Your instructions: Copy all lines in the data that contain the string "records".

Excerpts from a dataset:
##############################
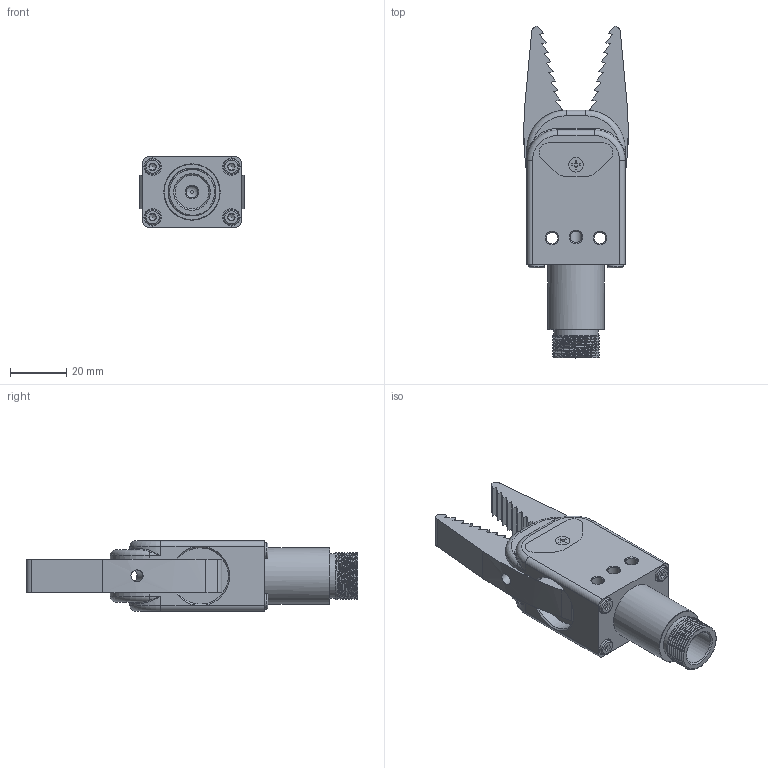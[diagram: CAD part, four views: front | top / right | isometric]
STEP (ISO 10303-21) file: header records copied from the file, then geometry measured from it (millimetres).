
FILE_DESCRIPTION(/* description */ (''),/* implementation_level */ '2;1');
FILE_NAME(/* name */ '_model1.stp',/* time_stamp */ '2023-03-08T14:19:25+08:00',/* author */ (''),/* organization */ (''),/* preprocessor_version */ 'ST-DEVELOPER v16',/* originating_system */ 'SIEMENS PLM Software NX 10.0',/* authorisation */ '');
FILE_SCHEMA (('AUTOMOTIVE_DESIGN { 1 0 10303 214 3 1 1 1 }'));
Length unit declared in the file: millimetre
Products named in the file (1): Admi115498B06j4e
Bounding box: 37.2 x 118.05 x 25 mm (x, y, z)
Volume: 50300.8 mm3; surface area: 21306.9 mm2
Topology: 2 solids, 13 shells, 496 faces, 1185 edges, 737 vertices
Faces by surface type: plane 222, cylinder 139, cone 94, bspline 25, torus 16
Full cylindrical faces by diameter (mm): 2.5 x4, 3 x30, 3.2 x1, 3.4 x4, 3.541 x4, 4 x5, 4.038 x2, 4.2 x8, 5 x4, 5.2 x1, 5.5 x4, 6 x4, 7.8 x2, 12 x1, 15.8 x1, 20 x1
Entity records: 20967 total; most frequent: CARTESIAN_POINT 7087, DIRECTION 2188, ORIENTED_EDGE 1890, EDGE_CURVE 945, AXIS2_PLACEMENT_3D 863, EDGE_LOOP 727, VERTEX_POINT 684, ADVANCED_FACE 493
##############################
Solution to the exercise:
STEP (ISO 10303-21) file: header records copied from the file, then geometry measured from it (millimetres).
Entity records: 20967 total; most frequent: CARTESIAN_POINT 7087, DIRECTION 2188, ORIENTED_EDGE 1890, EDGE_CURVE 945, AXIS2_PLACEMENT_3D 863, EDGE_LOOP 727, VERTEX_POINT 684, ADVANCED_FACE 493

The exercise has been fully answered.